New Function mb_scrub()

The most widely used multibyte encoding is UTF-8, since it is the de-facto standard of the world wide web. Let us blatantly ignore the fact that a variety of other multibyte encodings exist, and just focus on some interesting subtleties of UTF-8 to illustrate why the function mb_scrub() has been introduced into PHP’s mbstring extension.

UTF-8 is a variable-length encoding. ASCII is a subset of UTF-8, non-ASCII characters are encoded with two to four bytes. In fact, UTF-8 was designed to strike a balance between length of the binary string and encoding/decoding time. Basically, as long as you transmit only ASCII data, you can claim the data is UTF-8, but there is no additional overhead. This is basically how PHP usually cheats its way through not being able to handle multibyte strings internally.

When dealing with legacy databases, there are usually a few odd database tables or at least columns that contain data of unknown encoding. Legacy PHP code often used to just take whatever input was provided by the client browser and store it into the database.

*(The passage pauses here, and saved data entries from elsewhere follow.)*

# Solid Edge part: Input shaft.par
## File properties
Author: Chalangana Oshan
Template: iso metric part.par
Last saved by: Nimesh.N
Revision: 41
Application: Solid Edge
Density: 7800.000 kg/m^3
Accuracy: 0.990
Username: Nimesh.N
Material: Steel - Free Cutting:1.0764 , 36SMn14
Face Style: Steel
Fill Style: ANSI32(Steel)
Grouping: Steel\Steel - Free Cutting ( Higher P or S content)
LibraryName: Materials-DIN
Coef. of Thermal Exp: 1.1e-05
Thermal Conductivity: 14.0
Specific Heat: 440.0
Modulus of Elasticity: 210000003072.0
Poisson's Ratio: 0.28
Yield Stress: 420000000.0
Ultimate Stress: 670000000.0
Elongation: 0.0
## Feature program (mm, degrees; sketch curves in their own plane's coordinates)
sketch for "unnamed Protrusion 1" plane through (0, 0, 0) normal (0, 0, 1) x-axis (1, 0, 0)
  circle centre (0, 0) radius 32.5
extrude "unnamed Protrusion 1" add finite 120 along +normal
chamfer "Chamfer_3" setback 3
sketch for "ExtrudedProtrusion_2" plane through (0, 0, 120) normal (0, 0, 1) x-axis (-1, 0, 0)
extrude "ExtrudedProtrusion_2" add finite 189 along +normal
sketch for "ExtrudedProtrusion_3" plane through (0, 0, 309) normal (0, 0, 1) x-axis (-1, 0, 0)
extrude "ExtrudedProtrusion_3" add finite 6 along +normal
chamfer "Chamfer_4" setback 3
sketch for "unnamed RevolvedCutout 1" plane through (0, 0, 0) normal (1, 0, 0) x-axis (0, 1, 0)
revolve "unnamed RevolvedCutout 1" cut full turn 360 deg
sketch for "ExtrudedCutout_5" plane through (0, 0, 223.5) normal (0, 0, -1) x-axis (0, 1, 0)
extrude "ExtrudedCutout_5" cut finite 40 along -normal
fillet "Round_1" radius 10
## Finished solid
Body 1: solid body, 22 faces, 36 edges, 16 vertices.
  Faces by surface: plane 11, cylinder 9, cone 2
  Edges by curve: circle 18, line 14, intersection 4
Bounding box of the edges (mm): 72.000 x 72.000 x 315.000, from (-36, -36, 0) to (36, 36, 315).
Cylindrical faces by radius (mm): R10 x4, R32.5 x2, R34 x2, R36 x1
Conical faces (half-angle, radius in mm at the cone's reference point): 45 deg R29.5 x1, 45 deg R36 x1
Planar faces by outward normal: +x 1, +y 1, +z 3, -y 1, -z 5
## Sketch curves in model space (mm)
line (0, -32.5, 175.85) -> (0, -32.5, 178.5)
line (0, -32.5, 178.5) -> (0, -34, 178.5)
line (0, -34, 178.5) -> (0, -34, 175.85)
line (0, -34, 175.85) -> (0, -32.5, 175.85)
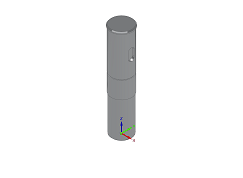
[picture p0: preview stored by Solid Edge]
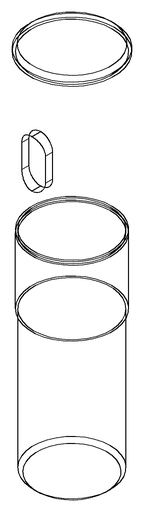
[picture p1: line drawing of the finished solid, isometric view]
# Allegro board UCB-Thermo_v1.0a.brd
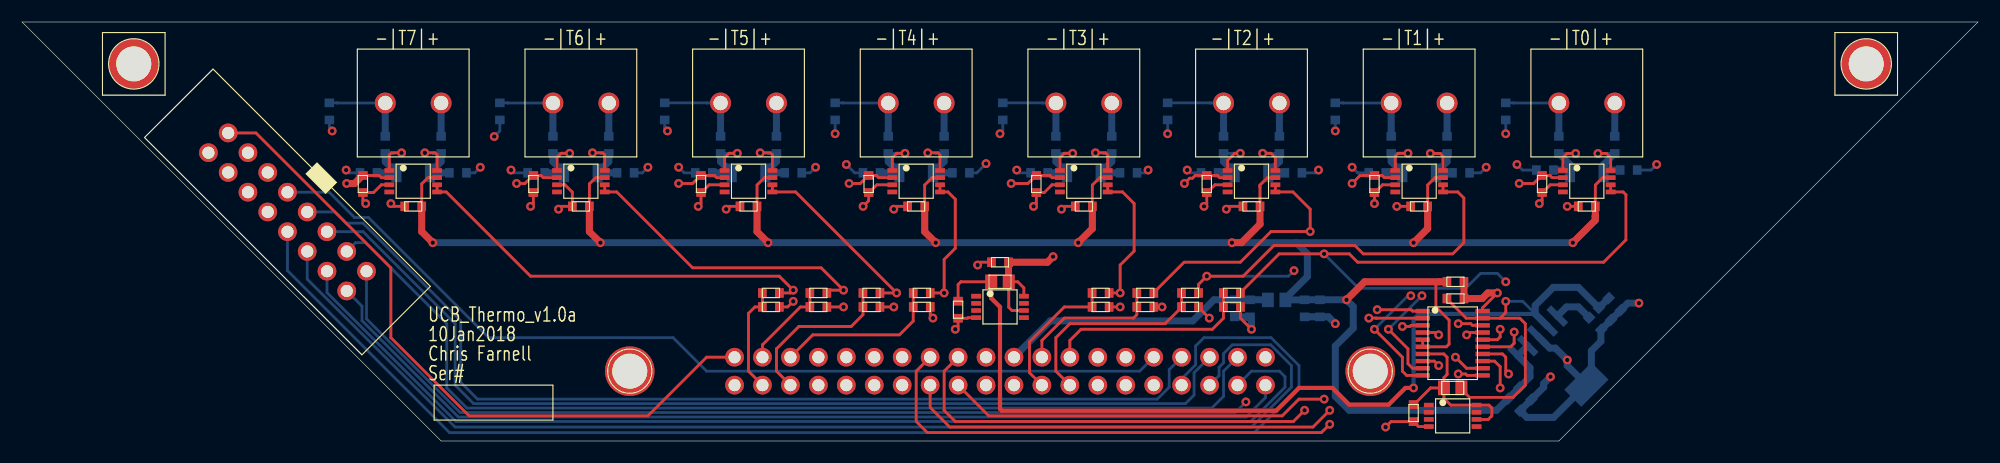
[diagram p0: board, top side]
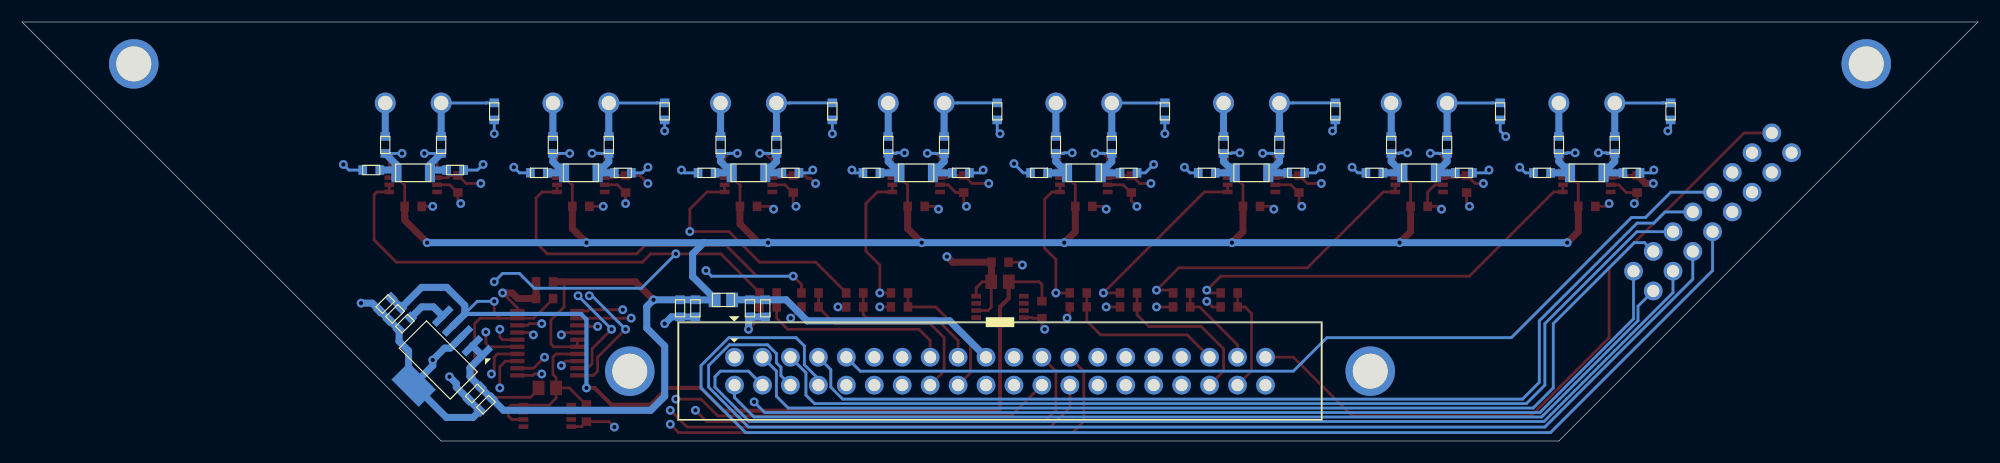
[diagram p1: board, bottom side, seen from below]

Outline 177.8 x 38.1 mm; copper layers: TOP, LAYER_2, LAYER_3, BOTTOM. Coordinates in mm from the lower left corner of the outline.
Outline path: 0,38.1 38.1,0 139.7,0 177.8,38.1 0,38.1

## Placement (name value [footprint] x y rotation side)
ADC1  AD7928BRUZ  [20-TSSOP]  130.05 8.89 0 top
C25  1uF  [C_0603]  110.24 12.06 270 bottom
C26  0.1uF  [C_0603]  111.63 12.06 270 bottom
C27  1uF  [C_0603]  116.59 12.06 270 bottom
C28  1uF  [C_0603]  85.09 11.94 270 top
C29  0.1uF  [C_0603]  117.98 12.06 270 bottom
C30  1uF  [C_0603]  88.9 16.26 0 top
C31  1uF  [C_0603]  135.64 3.3 315 bottom
C32  0.1uF  [C_0603]  136.65 4.32 315 bottom
C33  10nF  [C_0603]  143 10.67 315 bottom
C34  0.1uF  [C_0603]  143.89 11.56 315 bottom
C35  1uF  [C_0603]  144.78 12.45 315 bottom
C38  1uF  [C_0603]  130.3 14.48 0 top
C39  1uF  [C_0603]  130.3 12.95 0 top
C40  1uF  [C_0603]  126.49 2.54 90 top
C59  10uF  [C_1206]  142.24 24.38 180 bottom
C60  1uF  [C_0603]  146.05 24.64 180 bottom
C61  1uF  [C_0603]  138.43 24.64 180 bottom
C62  0.1uF  [C_0603]  142.24 21.34 180 top
C63  0.1uF  [C_0603]  138.18 23.37 90 top
C64  10uF  [C_1206]  127 24.38 180 bottom
C65  1uF  [C_0603]  130.81 24.38 180 bottom
C66  1uF  [C_0603]  123.19 24.38 180 bottom
C67  0.1uF  [C_0603]  127 21.34 180 top
C68  0.1uF  [C_0603]  122.94 23.37 90 top
C69  10uF  [C_1206]  111.76 24.38 180 bottom
C70  1uF  [C_0603]  115.57 24.38 180 bottom
C71  1uF  [C_0603]  107.95 24.38 180 bottom
C72  0.1uF  [C_0603]  111.76 21.34 180 top
C73  0.1uF  [C_0603]  107.7 23.37 90 top
C74  10uF  [C_1206]  96.52 24.38 180 bottom
C75  1uF  [C_0603]  100.58 24.38 180 bottom
C76  1uF  [C_0603]  92.46 24.38 180 bottom
C77  0.1uF  [C_0603]  96.52 21.34 180 top
C78  0.1uF  [C_0603]  92.2 23.37 90 top
C79  10uF  [C_1206]  81.28 24.38 180 bottom
C80  1uF  [C_0603]  85.34 24.38 180 bottom
C81  1uF  [C_0603]  77.22 24.38 180 bottom
C82  0.1uF  [C_0603]  81.28 21.34 180 top
C83  0.1uF  [C_0603]  76.96 23.37 90 top
C84  10uF  [C_1206]  66.04 24.38 180 bottom
C85  1uF  [C_0603]  70.1 24.38 180 bottom
C86  1uF  [C_0603]  61.98 24.38 180 bottom
C87  0.1uF  [C_0603]  66.04 21.34 180 top
C88  0.1uF  [C_0603]  61.72 23.37 90 top
C89  10uF  [C_1206]  50.8 24.38 180 bottom
C90  1uF  [C_0603]  54.86 24.38 180 bottom
C91  1uF  [C_0603]  46.74 24.38 180 bottom
C92  0.1uF  [C_0603]  50.8 21.34 180 top
C93  0.1uF  [C_0603]  46.48 23.37 90 top
C94  10uF  [C_1206]  35.56 24.38 180 bottom
C95  1uF  [C_0603]  39.62 24.38 180 bottom
C96  1uF  [C_0603]  31.5 24.38 180 bottom
C97  0.1uF  [C_0603]  35.56 21.34 180 top
C98  0.1uF  [C_0603]  30.99 23.37 90 top
J3  SFH11-PBPC-D20-ST-BK  [40-IDC-F_MNT]  88.9 6.35 270 bottom
J4  AWHW 16G-0202-T  [16-IDC-M]  24.13 20.83 225 top
J5  -  [1715721]  142.24 30.73 270 top
J6  -  [1715721]  127 30.73 270 top
J7  -  [1715721]  111.76 30.73 270 top
J8  -  [1715721]  96.52 30.73 270 top
J9  -  [1715721]  81.28 30.73 270 top
J10  -  [1715721]  66.04 30.73 270 top
J11  -  [1715721]  50.8 30.73 270 top
J12  -  [1715721]  35.56 30.73 270 top
L1  220  [L_0805]  114.05 12.83 0 bottom
MECH1  Mech_Hole  [4-40_SCREW]  10.16 34.29 0 top
MECH2  Mech_Hole  [4-40_SCREW]  167.64 34.29 0 top
R3  1k  [R_0805]  88.9 14.48 0 top
R8  1k  [R_0805]  130.05 4.83 180 top
R15  10k  [R_0603]  109.98 13.46 180 top
R16  15k  [R_0603]  109.98 12.19 0 top
R17  10k  [R_0603]  106.17 13.46 180 top
R18  15k  [R_0603]  106.17 12.19 0 top
R23  10k  [R_0603]  102.11 13.46 180 top
R24  15k  [R_0603]  102.11 12.19 0 top
R29  10k  [R_0603]  98.04 13.46 180 top
R30  15k  [R_0603]  98.04 12.19 0 top
R35  10k  [R_0603]  81.79 13.46 180 top
R36  15k  [R_0603]  81.79 12.19 0 top
R41  10k  [R_0603]  77.22 13.46 180 top
R42  15k  [R_0603]  77.22 12.19 0 top
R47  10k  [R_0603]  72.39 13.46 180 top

Sometimes, the client would send data in a certain encoding, and the PHP application would store it into a database column that was expecting another encoding. PHP never cared too much, but just moved a sequence of bytes from the browser to the database without ever converting it. This is not to say that every PHP application works or worked that way, but we have seen the “we do not know what the encoding of that data is” problem far too often to consider it an edge case.

The big problem with arbitrary binary data stored as text is that you can only guess what encoding it could be. The only way to determine that something is not UTF-8 is by finding an invalid byte sequence. But what to do with such a string?

The newly introduced function mb_scrub() tries to “repair” multibyte strings by replacing invalid byte sequences with a special “unkown” character, which is usually displayed as a question mark. Note that this changes the string, which may lead to undesired effects, however, it will allow you to take at least the “good” parts of the string and continue to work with it.

Let us create a byte sequence that is not valid UTF-8:

$string = "te\xc3st";

var_dump(mb_scrub($string));

This will result in:

string(5) "te?st"